[Source records]
+ + + + +
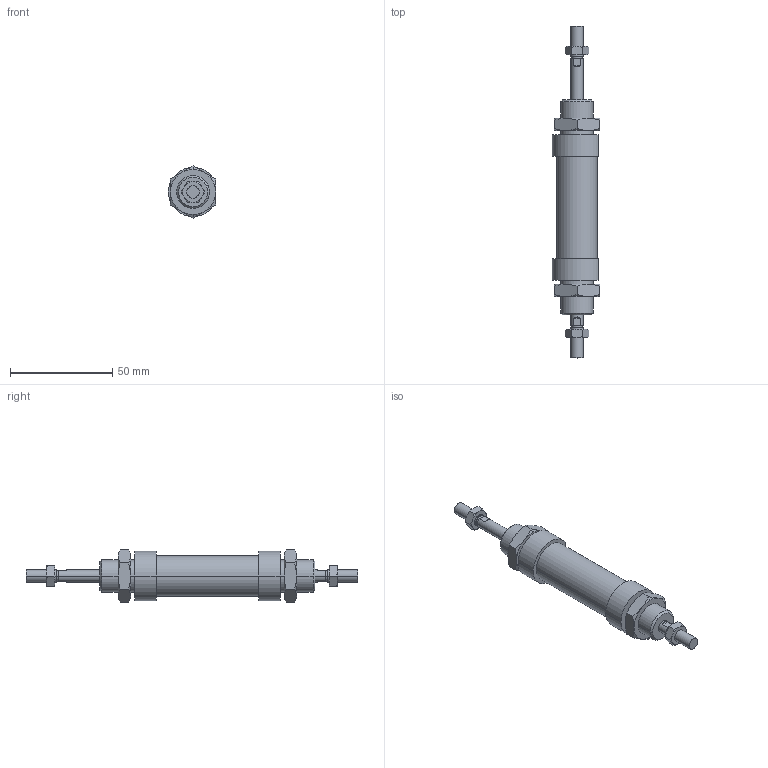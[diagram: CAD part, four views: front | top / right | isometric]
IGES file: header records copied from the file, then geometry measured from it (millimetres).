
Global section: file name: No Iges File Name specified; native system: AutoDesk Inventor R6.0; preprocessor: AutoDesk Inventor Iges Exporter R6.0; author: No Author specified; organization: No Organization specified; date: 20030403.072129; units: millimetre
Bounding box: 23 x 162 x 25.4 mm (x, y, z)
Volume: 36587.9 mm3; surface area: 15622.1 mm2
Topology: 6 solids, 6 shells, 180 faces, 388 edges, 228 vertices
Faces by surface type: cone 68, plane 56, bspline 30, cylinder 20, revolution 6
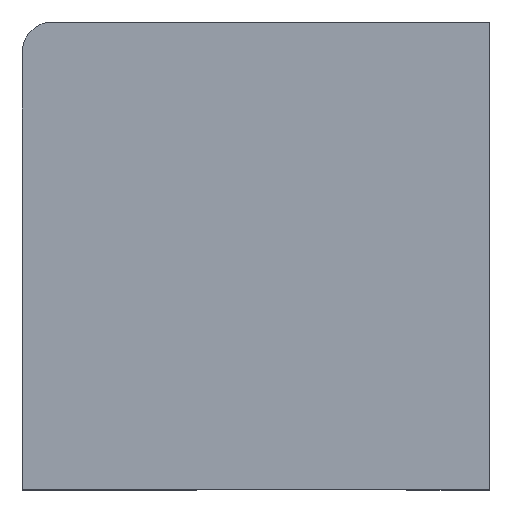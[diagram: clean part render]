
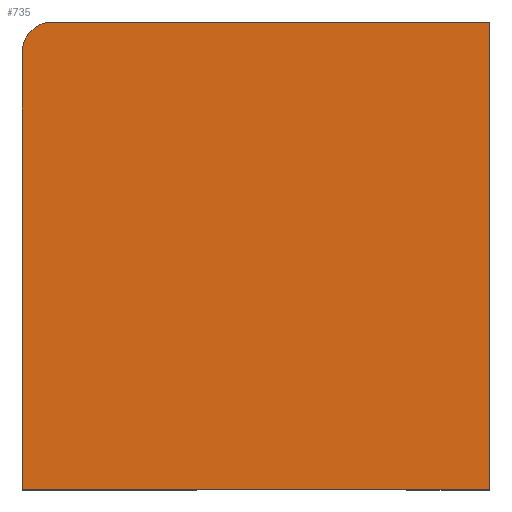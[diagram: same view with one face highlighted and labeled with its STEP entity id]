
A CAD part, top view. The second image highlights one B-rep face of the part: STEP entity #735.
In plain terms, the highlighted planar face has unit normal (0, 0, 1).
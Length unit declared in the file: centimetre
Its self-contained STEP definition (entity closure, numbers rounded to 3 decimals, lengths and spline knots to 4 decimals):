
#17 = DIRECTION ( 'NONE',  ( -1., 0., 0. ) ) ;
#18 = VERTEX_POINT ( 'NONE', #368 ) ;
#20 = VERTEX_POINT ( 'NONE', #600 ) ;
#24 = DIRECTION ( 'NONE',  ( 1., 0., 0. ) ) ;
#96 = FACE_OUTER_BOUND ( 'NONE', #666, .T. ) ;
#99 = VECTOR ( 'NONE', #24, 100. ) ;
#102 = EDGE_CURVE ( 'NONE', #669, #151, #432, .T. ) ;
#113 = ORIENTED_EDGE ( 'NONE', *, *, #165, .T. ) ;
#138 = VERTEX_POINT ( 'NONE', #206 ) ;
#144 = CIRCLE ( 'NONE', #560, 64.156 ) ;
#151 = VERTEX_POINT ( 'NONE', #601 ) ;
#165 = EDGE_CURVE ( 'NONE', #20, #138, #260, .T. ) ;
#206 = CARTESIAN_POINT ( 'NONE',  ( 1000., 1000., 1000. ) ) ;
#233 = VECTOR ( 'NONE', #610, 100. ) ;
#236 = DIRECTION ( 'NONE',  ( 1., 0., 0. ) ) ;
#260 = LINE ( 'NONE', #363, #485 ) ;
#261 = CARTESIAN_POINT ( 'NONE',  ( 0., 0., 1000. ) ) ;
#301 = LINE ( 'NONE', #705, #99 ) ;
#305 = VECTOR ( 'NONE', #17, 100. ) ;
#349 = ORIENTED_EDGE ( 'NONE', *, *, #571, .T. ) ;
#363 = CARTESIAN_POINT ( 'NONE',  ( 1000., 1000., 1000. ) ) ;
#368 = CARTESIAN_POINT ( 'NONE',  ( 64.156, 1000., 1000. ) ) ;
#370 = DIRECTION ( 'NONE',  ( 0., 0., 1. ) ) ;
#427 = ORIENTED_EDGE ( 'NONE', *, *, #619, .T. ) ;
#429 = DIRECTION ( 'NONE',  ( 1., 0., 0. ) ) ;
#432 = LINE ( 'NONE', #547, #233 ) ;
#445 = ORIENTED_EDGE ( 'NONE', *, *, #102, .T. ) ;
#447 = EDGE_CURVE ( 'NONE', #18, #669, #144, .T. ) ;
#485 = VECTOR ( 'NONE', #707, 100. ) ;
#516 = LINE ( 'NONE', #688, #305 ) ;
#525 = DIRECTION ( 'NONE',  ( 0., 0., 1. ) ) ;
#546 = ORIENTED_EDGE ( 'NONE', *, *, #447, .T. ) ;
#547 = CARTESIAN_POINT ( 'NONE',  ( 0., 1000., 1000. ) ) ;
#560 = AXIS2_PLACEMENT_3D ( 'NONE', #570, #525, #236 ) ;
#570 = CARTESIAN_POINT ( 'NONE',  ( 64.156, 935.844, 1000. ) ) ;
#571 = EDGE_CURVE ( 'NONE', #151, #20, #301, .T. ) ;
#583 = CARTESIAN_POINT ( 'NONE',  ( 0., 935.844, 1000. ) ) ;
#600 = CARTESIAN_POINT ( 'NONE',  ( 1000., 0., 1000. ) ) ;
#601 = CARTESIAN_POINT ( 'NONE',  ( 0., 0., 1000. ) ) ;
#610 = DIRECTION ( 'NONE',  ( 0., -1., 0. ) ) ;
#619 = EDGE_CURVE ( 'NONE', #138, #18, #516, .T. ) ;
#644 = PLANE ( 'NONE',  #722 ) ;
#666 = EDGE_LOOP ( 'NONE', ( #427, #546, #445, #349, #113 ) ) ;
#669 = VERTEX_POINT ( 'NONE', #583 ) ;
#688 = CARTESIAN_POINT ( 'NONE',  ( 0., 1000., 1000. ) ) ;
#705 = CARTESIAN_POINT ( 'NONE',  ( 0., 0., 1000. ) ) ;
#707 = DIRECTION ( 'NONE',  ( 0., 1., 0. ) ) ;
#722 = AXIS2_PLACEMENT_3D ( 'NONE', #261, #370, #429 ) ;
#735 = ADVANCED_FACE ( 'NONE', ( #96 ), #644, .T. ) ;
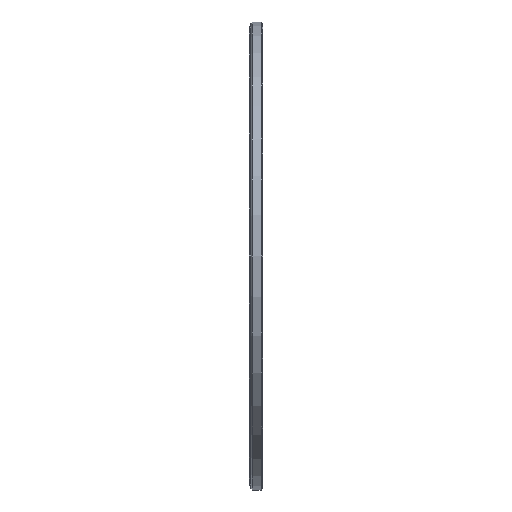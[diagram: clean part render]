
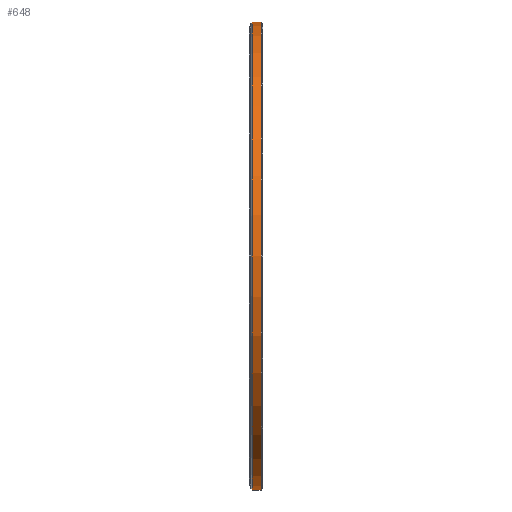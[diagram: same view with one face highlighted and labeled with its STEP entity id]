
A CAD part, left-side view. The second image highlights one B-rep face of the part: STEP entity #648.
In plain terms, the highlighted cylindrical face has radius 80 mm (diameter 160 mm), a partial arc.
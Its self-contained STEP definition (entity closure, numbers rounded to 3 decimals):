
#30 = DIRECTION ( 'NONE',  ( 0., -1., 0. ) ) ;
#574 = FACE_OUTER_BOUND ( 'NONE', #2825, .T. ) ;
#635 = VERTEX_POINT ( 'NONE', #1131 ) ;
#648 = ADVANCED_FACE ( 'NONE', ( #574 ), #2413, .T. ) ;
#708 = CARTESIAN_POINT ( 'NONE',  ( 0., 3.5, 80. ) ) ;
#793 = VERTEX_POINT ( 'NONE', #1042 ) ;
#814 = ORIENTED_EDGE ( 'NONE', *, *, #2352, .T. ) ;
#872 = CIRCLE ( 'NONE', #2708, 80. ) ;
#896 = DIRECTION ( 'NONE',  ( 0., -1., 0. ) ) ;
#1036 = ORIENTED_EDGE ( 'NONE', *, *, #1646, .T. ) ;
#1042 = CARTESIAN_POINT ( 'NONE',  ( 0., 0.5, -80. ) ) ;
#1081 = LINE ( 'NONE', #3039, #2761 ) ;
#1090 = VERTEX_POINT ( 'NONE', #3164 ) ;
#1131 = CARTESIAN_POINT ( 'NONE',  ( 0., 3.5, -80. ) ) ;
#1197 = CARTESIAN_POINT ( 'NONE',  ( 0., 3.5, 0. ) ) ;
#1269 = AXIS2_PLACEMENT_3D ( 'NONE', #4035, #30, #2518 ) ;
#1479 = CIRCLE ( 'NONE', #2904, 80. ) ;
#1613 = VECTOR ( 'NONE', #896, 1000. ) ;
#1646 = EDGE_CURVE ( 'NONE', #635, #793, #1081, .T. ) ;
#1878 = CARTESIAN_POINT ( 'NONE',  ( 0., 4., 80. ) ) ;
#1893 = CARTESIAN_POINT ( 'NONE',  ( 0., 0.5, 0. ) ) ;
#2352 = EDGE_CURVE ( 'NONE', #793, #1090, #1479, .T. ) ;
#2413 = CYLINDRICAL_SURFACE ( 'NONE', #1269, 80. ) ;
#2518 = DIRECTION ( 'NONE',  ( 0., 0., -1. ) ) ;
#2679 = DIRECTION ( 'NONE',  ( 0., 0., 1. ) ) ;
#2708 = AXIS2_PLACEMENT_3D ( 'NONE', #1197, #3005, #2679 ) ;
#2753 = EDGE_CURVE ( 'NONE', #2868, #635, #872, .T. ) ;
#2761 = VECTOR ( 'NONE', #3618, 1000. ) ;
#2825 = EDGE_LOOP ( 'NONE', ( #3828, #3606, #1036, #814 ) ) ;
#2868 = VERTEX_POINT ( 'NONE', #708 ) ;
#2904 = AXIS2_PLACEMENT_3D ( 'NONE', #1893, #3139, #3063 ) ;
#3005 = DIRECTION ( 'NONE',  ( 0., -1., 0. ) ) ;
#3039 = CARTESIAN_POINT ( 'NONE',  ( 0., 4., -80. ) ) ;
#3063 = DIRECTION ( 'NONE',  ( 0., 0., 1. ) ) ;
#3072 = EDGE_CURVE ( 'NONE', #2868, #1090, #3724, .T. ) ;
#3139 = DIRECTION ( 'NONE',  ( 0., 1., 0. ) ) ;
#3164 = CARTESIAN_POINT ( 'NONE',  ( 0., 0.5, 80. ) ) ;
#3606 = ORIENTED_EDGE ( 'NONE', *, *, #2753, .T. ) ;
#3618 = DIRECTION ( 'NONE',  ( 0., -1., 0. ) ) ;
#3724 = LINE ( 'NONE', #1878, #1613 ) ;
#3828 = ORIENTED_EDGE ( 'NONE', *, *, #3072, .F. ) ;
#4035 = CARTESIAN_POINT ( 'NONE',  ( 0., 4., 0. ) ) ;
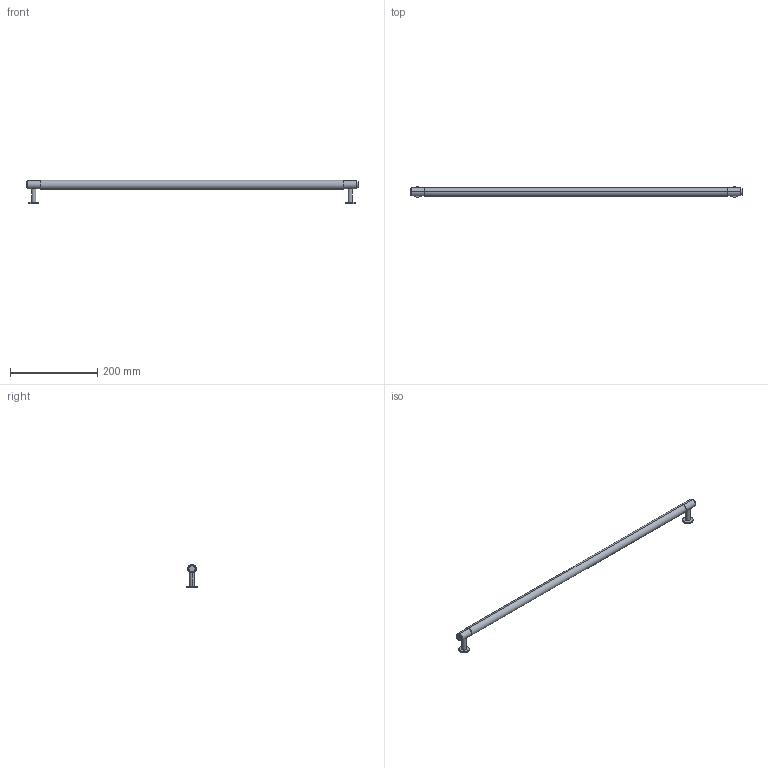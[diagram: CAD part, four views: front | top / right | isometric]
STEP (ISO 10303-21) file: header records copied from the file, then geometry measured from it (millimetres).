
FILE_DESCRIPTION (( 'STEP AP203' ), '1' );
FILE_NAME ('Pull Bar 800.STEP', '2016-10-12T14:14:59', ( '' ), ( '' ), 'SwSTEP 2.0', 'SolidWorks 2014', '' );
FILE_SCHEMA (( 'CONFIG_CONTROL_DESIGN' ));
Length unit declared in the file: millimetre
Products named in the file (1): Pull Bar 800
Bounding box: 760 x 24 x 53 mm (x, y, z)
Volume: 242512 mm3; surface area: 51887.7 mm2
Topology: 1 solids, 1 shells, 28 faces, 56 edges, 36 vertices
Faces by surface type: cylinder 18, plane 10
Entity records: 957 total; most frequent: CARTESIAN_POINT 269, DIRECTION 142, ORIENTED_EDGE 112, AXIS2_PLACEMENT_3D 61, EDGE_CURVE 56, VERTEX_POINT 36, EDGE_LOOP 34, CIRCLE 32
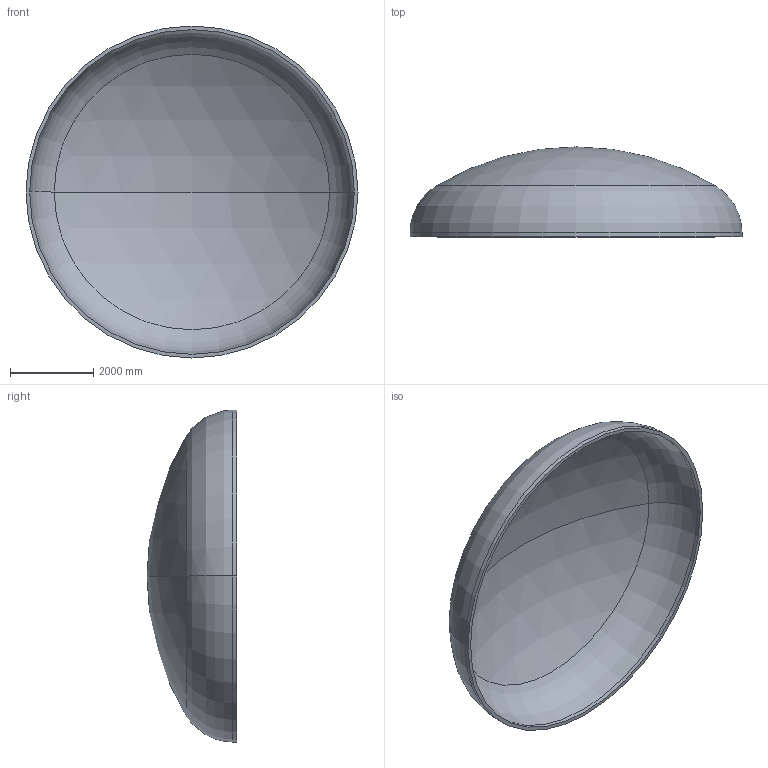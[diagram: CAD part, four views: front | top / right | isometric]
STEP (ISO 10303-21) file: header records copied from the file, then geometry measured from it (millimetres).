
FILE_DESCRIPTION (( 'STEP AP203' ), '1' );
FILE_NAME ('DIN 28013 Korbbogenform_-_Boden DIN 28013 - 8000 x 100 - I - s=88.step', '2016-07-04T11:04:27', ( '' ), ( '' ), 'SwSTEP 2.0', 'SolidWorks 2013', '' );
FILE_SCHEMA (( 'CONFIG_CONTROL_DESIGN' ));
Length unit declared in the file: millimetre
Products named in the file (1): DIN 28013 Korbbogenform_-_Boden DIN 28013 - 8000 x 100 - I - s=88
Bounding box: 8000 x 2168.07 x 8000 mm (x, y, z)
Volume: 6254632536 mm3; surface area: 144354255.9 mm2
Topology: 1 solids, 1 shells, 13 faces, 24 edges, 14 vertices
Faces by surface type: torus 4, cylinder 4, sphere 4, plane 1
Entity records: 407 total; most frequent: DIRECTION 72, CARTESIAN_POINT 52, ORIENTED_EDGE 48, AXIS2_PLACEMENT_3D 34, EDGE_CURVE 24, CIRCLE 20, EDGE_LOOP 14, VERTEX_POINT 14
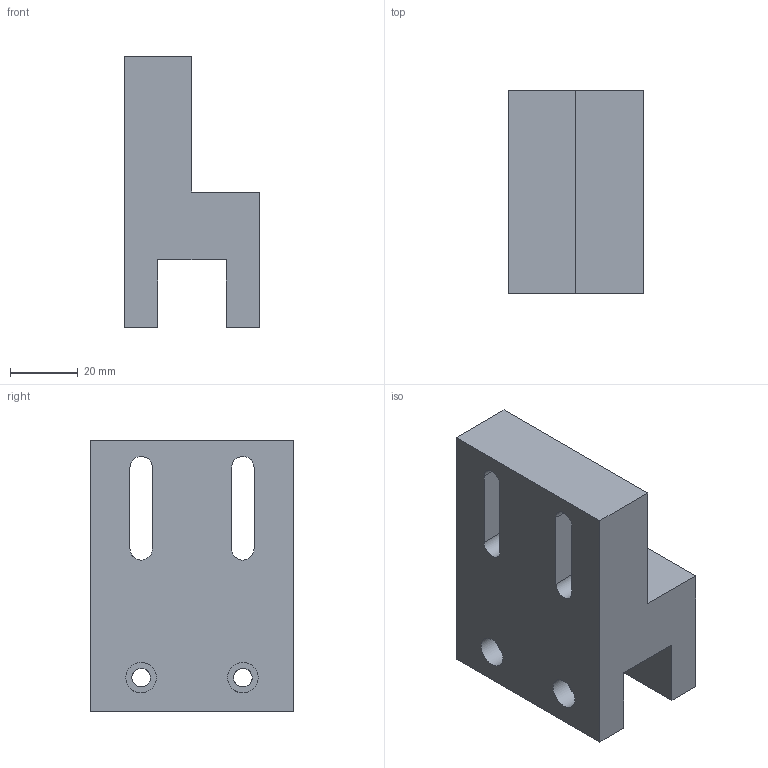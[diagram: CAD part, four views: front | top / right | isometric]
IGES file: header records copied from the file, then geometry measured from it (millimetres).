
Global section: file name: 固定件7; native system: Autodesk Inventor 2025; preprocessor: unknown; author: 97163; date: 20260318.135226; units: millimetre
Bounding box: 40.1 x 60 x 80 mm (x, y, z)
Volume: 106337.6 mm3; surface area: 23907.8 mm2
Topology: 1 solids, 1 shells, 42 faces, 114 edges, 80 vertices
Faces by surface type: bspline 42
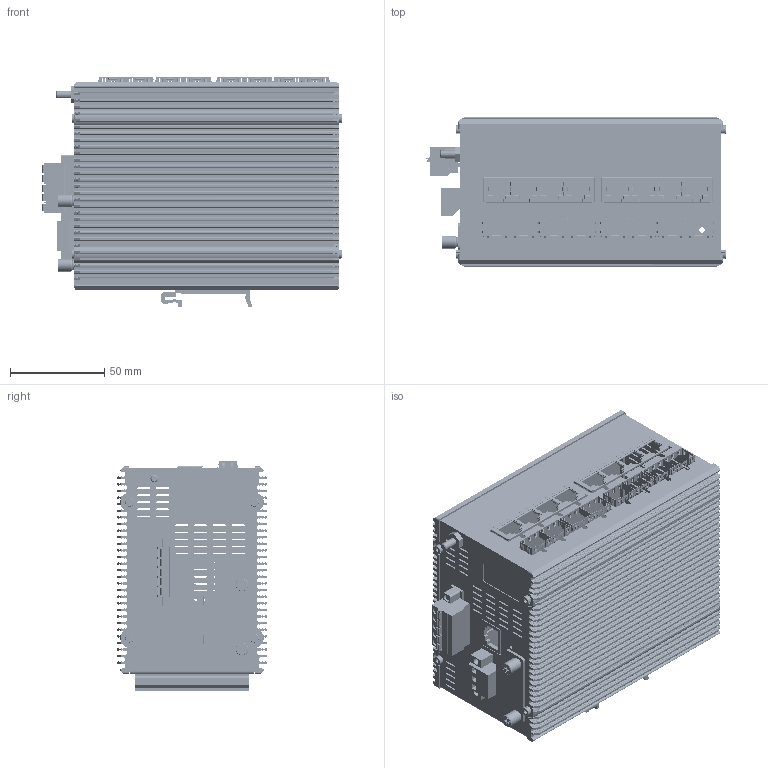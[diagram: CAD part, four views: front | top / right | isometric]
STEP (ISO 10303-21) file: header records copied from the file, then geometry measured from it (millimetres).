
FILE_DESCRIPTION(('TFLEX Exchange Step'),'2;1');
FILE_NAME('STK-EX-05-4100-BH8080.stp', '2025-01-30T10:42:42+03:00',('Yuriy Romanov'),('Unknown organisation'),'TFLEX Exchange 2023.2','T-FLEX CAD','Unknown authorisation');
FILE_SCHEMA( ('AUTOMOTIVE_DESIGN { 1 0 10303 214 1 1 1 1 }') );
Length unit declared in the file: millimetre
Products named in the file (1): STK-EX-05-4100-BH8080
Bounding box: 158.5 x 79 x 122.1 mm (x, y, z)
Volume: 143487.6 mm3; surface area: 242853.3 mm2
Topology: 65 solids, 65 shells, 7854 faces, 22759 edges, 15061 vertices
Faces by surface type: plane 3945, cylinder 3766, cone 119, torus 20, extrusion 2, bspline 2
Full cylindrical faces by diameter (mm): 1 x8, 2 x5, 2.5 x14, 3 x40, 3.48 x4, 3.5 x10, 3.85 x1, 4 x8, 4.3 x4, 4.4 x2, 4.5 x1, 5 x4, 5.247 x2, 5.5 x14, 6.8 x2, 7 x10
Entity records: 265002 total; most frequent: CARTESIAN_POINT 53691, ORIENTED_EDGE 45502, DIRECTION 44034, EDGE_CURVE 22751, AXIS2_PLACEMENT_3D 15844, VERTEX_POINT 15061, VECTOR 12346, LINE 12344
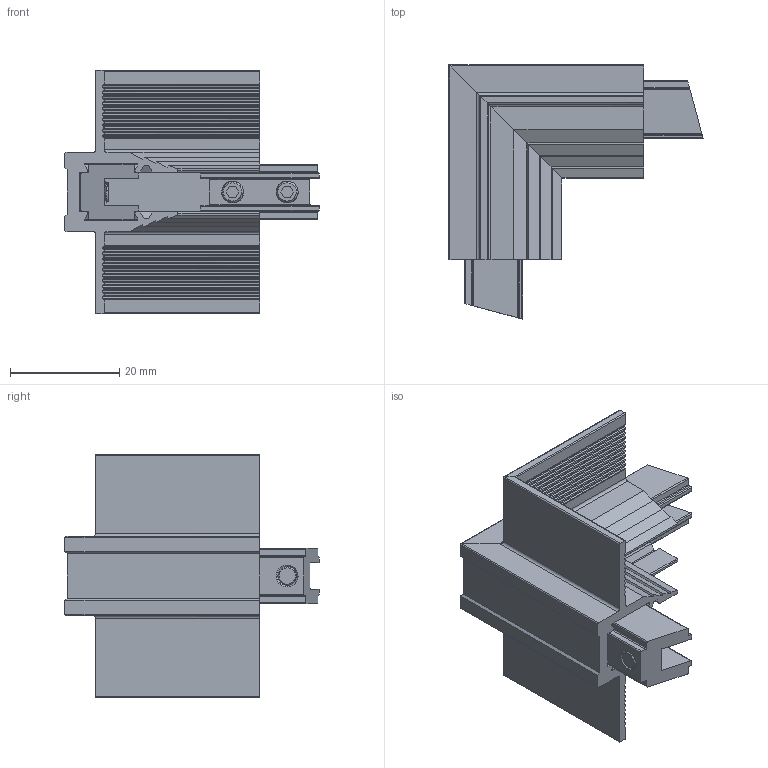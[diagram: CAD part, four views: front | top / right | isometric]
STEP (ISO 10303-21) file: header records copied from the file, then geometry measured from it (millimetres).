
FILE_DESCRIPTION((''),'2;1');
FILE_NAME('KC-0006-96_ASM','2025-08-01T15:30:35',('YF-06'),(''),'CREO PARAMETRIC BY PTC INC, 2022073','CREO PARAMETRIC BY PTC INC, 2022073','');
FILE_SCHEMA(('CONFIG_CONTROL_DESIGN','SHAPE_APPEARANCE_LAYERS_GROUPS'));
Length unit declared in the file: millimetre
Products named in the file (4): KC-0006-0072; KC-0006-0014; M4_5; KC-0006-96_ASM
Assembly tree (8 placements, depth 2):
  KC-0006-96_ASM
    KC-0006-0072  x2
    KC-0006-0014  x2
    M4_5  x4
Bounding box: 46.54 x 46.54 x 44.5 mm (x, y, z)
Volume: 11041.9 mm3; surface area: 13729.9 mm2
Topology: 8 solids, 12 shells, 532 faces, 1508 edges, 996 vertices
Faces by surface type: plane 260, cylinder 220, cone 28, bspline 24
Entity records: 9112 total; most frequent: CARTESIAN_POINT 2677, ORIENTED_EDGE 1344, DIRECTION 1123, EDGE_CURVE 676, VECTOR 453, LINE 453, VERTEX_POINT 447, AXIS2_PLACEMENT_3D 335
+ + + + +
▸ Exercise: Omit every picture, and please return the entries exactly from the first line through the line with "Topology: 6 solids, 6", both included.

▸ Written response:
[diagram: CAD part, four views: front | top / right | isometric]
IGES file: header records copied from the file, then geometry measured from it (millimetres).
Global section: file name: No Iges File Name specified; native system: AutoDesk Inventor R6.0; preprocessor: AutoDesk Inventor Iges Exporter R6.0; author: No Author specified; organization: No Organization specified; date: 20030403.072129; units: millimetre
Bounding box: 23 x 162 x 25.4 mm (x, y, z)
Volume: 36587.9 mm3; surface area: 15622.1 mm2
Topology: 6 solids, 6 shells, 180 faces, 388 edges, 228 vertices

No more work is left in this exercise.